═════ RECORDS FOR THIS TASK

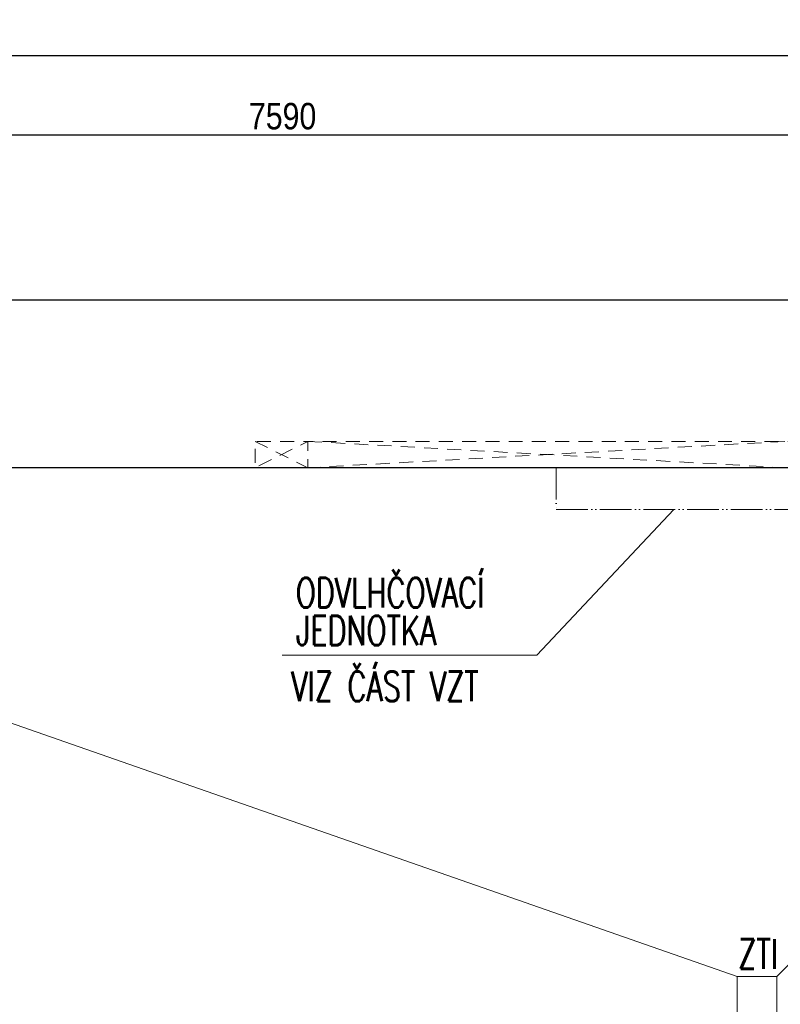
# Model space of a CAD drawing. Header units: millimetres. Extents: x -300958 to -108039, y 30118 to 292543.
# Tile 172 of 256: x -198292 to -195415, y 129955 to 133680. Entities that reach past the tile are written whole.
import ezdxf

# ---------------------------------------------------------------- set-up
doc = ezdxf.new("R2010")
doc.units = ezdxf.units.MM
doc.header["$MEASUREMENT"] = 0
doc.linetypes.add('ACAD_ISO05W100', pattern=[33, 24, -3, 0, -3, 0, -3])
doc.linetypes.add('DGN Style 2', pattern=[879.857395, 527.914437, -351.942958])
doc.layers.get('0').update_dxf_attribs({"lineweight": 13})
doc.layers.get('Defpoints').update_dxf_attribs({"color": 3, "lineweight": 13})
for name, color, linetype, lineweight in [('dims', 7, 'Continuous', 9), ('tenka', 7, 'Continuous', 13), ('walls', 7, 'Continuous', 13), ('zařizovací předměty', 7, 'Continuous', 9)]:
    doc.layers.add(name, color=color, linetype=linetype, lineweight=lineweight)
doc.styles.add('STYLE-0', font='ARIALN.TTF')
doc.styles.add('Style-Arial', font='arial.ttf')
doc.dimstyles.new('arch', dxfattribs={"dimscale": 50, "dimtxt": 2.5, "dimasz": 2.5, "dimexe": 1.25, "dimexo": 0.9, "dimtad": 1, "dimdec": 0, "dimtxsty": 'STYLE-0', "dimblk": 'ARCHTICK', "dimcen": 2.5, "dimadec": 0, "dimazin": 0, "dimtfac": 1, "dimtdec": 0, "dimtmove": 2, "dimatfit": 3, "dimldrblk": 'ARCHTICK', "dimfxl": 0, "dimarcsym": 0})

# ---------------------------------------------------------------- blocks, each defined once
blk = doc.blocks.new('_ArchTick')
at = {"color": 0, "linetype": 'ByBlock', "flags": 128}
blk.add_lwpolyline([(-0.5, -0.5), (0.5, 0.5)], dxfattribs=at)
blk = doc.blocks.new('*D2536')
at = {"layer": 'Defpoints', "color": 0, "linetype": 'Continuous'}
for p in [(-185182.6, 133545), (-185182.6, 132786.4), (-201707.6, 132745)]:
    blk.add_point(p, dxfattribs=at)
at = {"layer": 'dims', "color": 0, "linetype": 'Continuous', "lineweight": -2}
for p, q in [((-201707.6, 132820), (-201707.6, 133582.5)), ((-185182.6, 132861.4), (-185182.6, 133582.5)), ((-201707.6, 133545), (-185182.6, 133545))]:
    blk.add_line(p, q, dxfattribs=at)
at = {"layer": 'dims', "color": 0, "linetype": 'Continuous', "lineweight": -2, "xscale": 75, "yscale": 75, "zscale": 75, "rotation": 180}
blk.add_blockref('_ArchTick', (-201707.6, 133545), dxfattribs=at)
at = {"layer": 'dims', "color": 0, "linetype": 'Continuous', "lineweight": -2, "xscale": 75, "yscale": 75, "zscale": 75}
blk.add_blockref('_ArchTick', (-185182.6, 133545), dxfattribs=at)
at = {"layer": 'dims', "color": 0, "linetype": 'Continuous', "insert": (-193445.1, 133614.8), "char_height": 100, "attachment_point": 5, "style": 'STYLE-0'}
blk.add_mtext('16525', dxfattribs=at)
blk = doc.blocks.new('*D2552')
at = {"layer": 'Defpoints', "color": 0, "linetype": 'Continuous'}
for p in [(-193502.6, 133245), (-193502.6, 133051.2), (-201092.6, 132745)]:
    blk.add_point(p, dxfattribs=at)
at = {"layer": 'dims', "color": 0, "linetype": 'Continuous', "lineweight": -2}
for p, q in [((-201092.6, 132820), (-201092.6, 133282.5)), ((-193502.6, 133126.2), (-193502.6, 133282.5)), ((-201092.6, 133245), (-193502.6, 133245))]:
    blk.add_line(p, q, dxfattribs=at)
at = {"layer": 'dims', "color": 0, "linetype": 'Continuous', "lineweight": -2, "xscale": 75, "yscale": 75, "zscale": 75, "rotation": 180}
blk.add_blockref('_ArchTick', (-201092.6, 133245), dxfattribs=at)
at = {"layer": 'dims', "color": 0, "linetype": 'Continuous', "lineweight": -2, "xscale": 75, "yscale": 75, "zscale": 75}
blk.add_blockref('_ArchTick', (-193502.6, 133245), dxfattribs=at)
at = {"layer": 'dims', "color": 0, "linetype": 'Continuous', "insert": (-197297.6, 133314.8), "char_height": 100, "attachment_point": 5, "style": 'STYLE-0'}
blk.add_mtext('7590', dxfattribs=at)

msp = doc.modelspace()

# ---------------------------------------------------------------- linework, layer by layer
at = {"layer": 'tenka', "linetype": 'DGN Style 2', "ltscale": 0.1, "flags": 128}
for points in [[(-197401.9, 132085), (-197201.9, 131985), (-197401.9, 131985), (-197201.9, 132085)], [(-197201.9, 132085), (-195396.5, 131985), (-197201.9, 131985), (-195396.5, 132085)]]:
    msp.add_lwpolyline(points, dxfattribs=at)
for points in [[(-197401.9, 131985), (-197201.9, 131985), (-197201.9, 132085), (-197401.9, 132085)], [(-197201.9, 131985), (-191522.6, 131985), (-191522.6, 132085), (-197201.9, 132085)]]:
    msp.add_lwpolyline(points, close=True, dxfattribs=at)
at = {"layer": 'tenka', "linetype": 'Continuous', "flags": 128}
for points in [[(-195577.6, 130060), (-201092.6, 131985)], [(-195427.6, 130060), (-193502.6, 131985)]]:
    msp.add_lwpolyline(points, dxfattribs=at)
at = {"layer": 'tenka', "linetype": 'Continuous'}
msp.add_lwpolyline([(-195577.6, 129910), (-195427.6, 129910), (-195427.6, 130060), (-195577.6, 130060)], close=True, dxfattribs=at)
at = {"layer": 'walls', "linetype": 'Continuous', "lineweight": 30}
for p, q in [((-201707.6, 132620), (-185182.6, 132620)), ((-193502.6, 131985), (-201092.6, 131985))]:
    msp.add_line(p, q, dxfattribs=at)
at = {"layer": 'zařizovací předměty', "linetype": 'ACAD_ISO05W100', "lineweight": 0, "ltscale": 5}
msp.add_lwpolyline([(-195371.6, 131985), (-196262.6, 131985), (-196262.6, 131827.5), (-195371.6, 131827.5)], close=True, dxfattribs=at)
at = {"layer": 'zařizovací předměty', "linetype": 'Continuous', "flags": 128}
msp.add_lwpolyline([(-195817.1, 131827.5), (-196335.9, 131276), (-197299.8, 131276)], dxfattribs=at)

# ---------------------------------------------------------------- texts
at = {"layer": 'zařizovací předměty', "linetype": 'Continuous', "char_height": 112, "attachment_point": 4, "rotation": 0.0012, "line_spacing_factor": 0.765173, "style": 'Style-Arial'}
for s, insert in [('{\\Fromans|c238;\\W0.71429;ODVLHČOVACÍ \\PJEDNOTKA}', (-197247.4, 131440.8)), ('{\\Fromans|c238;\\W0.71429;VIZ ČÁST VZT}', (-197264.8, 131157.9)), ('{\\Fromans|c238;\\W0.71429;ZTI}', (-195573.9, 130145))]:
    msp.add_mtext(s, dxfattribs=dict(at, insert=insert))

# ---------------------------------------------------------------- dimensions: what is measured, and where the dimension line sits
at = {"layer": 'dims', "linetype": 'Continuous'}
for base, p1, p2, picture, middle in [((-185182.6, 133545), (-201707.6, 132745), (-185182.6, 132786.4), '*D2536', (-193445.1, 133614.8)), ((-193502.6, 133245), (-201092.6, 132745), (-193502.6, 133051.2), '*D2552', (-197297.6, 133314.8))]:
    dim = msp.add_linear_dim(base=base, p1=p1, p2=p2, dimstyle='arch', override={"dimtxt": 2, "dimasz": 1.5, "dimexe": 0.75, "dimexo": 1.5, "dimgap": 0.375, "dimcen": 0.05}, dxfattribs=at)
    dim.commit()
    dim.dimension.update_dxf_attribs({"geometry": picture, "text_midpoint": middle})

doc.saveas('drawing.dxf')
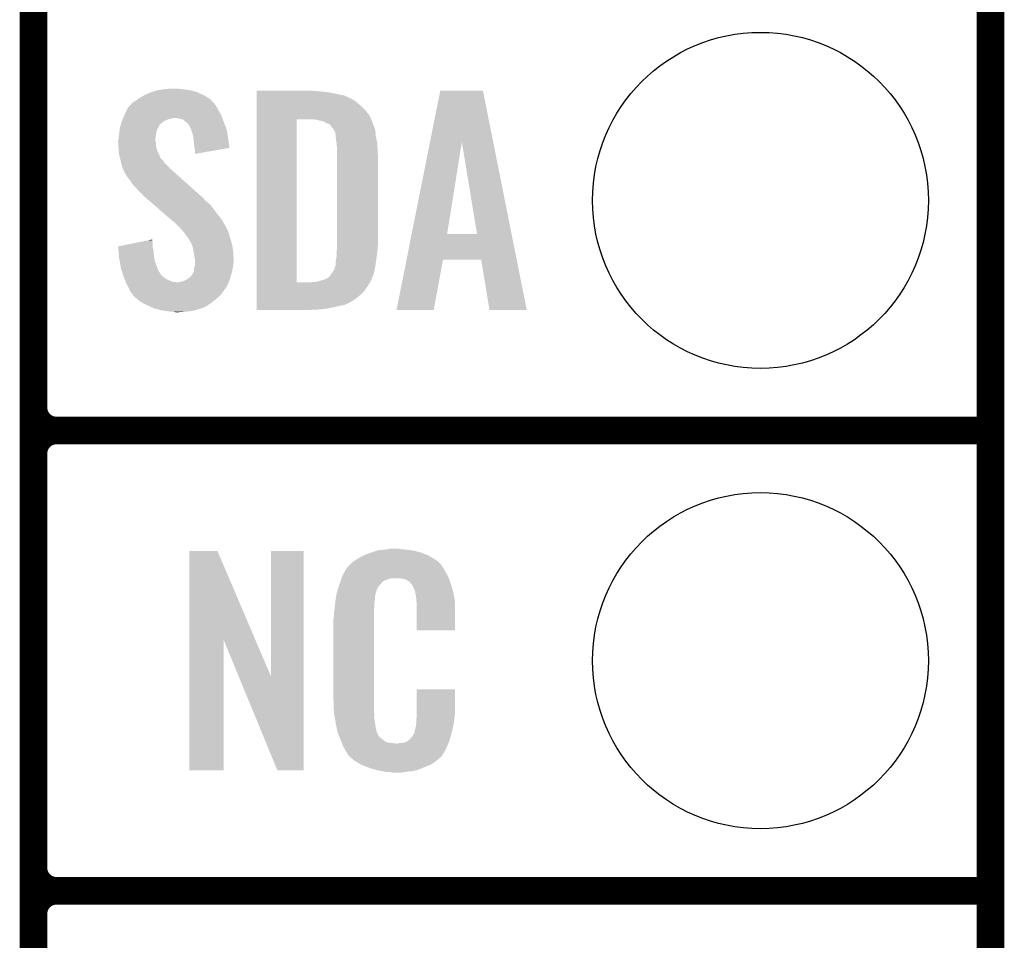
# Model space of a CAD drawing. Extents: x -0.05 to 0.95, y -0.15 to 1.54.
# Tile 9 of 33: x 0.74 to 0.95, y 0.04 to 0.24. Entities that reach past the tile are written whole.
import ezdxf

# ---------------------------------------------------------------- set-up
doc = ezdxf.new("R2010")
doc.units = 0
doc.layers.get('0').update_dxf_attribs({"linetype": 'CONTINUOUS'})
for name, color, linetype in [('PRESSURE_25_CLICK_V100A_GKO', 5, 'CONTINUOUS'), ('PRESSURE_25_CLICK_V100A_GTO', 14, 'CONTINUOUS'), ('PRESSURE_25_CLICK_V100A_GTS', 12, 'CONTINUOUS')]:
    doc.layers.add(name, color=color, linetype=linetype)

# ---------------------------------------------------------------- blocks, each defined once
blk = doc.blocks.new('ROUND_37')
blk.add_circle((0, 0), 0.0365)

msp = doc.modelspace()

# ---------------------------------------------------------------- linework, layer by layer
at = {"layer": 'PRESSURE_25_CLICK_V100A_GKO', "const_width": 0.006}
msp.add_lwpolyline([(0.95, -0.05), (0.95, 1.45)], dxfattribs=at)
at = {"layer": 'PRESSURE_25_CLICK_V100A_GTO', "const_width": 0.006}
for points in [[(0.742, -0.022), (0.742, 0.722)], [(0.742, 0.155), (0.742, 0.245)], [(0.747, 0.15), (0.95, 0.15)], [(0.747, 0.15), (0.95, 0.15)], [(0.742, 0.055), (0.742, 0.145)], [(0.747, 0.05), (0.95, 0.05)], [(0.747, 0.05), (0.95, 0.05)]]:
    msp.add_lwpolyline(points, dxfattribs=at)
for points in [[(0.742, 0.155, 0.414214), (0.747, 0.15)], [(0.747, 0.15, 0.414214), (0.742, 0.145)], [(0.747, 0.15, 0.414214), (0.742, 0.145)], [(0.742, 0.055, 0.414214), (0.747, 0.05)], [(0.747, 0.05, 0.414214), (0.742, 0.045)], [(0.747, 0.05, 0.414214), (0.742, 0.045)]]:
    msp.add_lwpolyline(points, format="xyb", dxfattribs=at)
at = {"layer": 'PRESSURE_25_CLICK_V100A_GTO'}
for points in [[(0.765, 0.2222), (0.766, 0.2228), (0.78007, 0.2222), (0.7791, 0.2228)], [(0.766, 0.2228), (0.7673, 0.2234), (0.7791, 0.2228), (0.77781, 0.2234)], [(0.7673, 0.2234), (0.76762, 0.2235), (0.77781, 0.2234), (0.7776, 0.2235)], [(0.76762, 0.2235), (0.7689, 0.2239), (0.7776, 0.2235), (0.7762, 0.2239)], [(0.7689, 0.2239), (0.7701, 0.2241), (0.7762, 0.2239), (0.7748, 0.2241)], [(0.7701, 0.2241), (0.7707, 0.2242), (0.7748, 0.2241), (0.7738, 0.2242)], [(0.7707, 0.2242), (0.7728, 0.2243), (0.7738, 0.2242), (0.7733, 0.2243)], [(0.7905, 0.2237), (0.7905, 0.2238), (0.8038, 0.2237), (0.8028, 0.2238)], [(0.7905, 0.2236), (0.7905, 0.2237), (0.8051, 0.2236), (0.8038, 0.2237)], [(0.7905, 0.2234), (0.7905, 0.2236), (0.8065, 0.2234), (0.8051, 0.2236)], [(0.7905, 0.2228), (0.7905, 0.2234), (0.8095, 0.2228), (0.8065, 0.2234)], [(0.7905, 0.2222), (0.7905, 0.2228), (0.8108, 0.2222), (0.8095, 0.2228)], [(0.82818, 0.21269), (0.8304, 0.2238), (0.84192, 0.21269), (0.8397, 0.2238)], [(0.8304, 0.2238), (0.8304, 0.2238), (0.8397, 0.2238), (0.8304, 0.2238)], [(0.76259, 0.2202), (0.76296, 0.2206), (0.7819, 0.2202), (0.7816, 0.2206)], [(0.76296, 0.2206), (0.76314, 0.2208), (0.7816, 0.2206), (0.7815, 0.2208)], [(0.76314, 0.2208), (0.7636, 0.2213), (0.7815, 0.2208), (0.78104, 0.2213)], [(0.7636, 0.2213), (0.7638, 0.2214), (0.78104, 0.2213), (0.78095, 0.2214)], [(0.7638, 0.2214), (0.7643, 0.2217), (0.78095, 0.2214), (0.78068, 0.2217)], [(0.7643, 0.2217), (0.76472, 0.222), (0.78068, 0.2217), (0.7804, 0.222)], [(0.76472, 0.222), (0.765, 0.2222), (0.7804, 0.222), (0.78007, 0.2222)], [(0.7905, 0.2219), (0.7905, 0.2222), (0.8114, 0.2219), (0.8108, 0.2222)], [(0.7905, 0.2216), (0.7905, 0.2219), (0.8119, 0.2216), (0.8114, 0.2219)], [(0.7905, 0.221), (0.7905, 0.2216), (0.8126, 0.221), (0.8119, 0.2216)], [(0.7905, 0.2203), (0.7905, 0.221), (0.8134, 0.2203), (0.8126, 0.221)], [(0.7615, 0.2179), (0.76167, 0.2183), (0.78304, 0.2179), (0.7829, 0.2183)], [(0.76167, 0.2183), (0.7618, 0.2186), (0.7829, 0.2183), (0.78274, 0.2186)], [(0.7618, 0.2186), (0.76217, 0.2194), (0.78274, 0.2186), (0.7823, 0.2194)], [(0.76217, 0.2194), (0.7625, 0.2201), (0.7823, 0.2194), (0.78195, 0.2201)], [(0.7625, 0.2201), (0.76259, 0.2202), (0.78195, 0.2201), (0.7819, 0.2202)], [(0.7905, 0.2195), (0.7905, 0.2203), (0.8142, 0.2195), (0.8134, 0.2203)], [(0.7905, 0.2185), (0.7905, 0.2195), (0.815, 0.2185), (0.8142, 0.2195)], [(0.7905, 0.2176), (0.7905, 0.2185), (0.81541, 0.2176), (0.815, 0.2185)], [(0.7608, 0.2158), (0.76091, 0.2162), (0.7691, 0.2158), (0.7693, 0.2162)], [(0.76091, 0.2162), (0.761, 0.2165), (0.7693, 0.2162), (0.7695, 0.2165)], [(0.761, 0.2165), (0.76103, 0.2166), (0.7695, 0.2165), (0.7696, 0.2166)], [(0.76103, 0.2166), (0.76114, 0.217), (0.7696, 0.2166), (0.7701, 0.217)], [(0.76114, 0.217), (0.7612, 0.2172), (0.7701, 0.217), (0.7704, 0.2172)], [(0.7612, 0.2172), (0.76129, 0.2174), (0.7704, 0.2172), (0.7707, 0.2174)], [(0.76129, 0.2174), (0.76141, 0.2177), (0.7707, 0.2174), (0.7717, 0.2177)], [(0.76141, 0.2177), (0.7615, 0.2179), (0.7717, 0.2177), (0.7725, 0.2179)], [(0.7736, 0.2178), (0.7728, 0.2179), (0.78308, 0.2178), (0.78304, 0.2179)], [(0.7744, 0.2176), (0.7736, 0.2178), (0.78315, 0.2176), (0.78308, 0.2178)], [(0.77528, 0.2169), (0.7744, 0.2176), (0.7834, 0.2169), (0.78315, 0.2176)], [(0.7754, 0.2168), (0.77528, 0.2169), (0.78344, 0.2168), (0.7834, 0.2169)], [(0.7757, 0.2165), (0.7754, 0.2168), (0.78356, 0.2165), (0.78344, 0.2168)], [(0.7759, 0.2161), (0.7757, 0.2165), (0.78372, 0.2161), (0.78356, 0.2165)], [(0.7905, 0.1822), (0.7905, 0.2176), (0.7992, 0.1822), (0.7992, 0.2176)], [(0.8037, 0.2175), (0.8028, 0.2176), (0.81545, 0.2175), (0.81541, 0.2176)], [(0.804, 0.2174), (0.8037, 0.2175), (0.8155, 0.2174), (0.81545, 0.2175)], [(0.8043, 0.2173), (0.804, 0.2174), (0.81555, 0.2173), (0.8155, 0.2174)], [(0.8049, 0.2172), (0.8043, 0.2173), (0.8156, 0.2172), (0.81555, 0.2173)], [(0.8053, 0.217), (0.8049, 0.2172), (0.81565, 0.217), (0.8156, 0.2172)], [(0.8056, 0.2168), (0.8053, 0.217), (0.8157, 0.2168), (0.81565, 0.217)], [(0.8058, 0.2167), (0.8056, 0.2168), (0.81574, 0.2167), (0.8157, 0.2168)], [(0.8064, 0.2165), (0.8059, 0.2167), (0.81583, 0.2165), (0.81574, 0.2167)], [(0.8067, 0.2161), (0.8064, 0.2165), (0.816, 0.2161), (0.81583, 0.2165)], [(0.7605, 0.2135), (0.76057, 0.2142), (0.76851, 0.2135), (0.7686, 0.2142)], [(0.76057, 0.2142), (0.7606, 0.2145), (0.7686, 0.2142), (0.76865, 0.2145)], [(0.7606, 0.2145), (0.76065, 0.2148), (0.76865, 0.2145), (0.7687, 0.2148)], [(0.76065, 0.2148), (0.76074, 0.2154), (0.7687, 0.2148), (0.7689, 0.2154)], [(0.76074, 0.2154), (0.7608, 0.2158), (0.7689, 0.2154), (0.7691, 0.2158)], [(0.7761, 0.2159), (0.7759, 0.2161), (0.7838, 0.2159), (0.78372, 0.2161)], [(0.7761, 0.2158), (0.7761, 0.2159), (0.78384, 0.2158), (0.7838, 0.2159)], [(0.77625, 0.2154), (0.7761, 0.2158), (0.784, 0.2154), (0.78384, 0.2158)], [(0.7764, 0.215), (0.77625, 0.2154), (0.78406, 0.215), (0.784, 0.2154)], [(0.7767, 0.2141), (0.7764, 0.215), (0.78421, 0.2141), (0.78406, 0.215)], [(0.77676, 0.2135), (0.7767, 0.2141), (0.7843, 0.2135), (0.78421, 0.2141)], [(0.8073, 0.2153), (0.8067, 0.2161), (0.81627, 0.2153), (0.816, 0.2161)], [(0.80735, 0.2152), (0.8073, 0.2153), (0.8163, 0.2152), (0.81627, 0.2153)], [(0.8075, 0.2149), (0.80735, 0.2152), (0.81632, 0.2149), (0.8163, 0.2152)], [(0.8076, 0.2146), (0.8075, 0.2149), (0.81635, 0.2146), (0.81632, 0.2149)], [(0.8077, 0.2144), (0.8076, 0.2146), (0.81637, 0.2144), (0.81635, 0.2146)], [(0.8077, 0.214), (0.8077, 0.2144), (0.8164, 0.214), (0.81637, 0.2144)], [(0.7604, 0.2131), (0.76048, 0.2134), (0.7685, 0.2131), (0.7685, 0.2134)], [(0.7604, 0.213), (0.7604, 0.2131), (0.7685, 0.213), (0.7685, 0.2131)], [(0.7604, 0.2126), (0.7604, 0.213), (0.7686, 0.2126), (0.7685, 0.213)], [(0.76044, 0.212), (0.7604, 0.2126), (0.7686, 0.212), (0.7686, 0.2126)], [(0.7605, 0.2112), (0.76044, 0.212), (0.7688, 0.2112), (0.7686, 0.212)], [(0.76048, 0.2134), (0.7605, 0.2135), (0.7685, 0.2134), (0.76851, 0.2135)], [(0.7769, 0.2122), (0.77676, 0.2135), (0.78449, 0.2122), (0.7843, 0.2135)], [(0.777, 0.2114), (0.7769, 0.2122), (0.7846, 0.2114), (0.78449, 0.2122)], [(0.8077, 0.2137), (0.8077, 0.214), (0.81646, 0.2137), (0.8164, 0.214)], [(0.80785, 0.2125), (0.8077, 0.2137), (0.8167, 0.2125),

══════════

__WHAT THIS TASK INVOLVES__. In the listing, find every line with the word "font" and return it.

__ANSWER SPACE__.
doc.styles.add('STYLE-0', font='ARIALN.TTF')
doc.styles.add('Style-Arial', font='arial.ttf')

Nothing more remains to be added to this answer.